Ambassador BrieAnne Osterlund
BrieAnne Osterlund’s faith in humanity led her to the partnership with International Riding Helmets to create awareness in hopes of escalating a cure for Multiple Sclerosis.
In 2009 I was diagnosed with Multiple Sclerosis. Since that day of being diagnosed my entire life has changed. I had your typical normal life of working a job I enjoyed, living a fun and carefree life and riding Dressage. Then my life turned into being unemployed, due to many doctor visits, tests and worst of all, many uncertainties. MS had me dealing with vision problems, headaches, weakness and numbness of my arms and legs as well as bladder control problems. The doctors had strongly suggested starting me on medication to control symptoms and flare ups. Fearing the side effects of the medications I choose an alternative natural way of controlling my flare-ups. My neurologist with frequent MRI’s still monitors me.
I didn’t know what my life was going to be like or worst of all not knowing if I could continue to ride Dressage. I Knew I had two ways of dealing with this news; I could let MS take over my life or make the best of the news I was given. I chose to make the best of it. After learning that eating healthy and staying active would help my symptoms of MS. I continued to ride Dressage and push my self into being a stronger rider. There are days when I show up at the barn and I can’t feel one side of my body. But the moment I get on my horse I get the feeling that everything will be ok. It’s hard to describe the feeling to someone. The numbness in my leg subsides and sitting in a saddle seems to help align my body. There is something magical about horses and riding, and some people forget that. I thank God everyday that I’m blessed to be getting on a horse and seeing the real meaning of living a happy life. I feel that MS has blessed me in so many ways. I’m truly blessed to have the most amazing parents and husband. My mom Gail Osterlund is my trainer, and best friend. My mom is out in the Dressage ring with me everyday, pushing me harder because she knows that I can do it. My mom is my heart, my dad is my backbone and without them I would crumble.

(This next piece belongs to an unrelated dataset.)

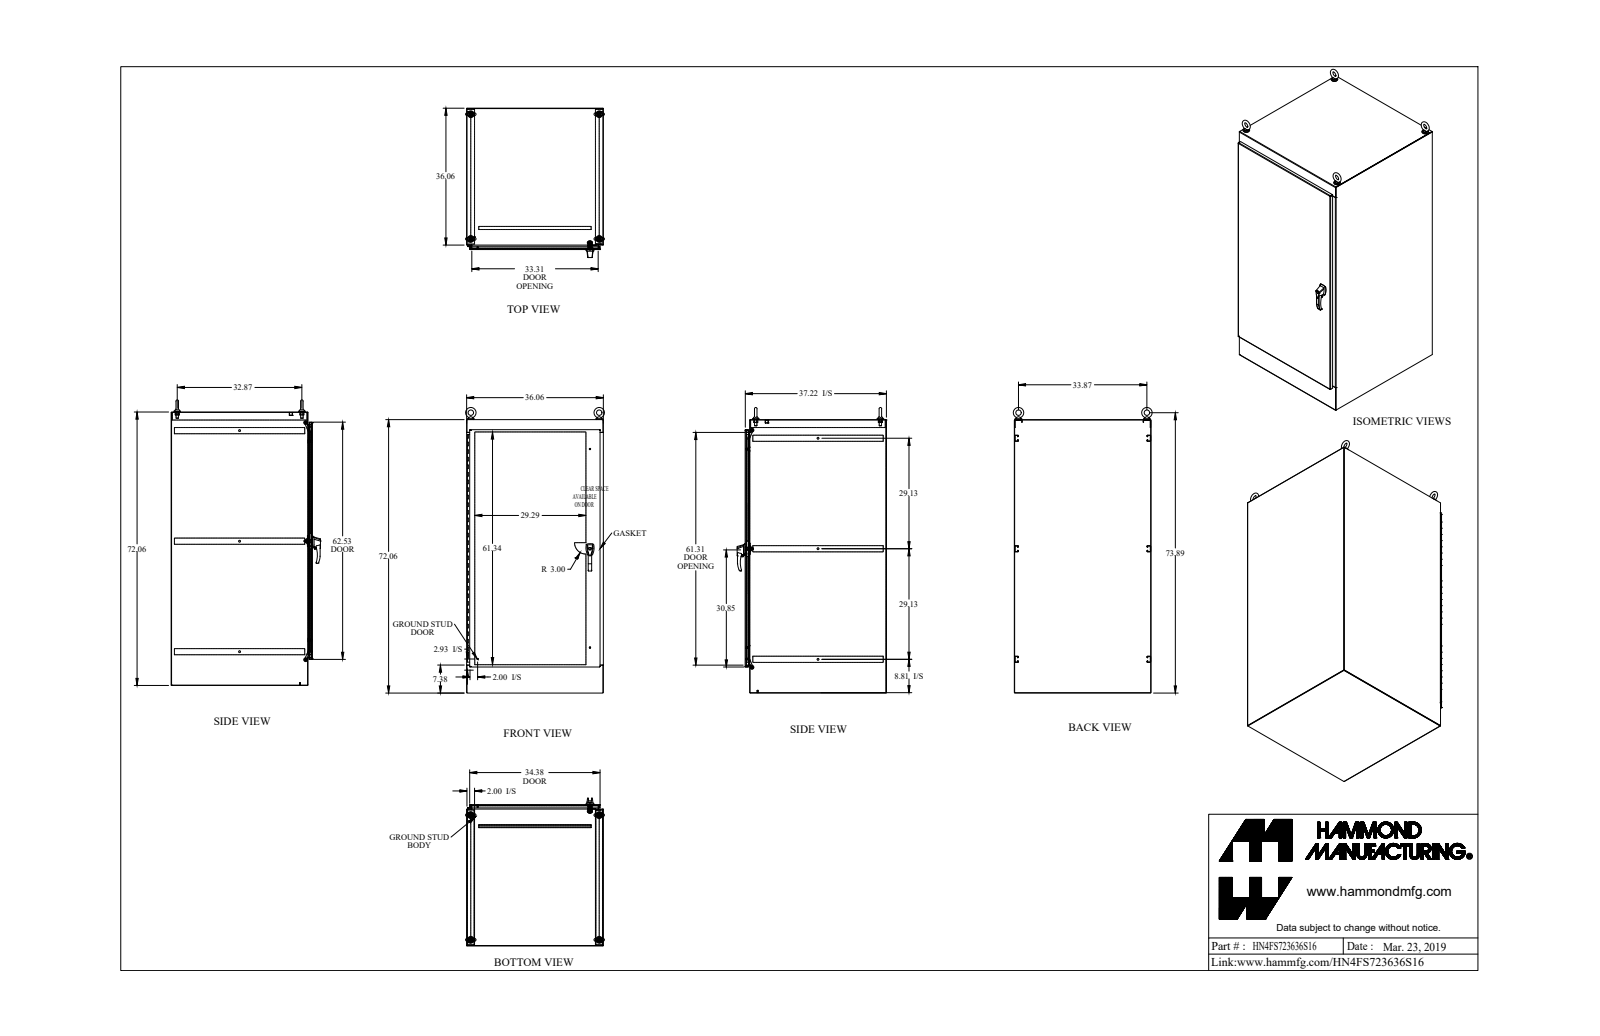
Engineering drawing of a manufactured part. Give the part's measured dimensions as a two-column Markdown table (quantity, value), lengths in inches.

Before being diagnosed I was very much aware of MS because I watched my mother in law suffer and unfortunately pass away from the complications of MS. I didn’t realize how many people MS has affected, more than 400,000 people in the United States alone and 2.5 million worldwide. It was difficult to accept that I was one of them. This is when I decided how important it was for me to make it my goal to find a way to make the public more aware of “MS”. I think this awareness could help educate the public on how serious this disease is and how many people it effects. MS is a chronic, often disabling disease that attacks your nervous system. The progress, severity, and specific symptoms of the disease cannot be predicted and symptoms may range from numbness to paralysis to blindness. Most people with MS are diagnosed between the ages of 20 and 50, but the unpredictable physical and emotional effects can last forever. I’m hoping a better awareness could help in the funding of finding a cure faster.
Advertising information about diseases on products has proven to be successful in creating awareness. Awareness helps in funding and finding cures. Cancer and heart disease are some examples of how this can work. I don’t see why it couldn’t be the same for MS.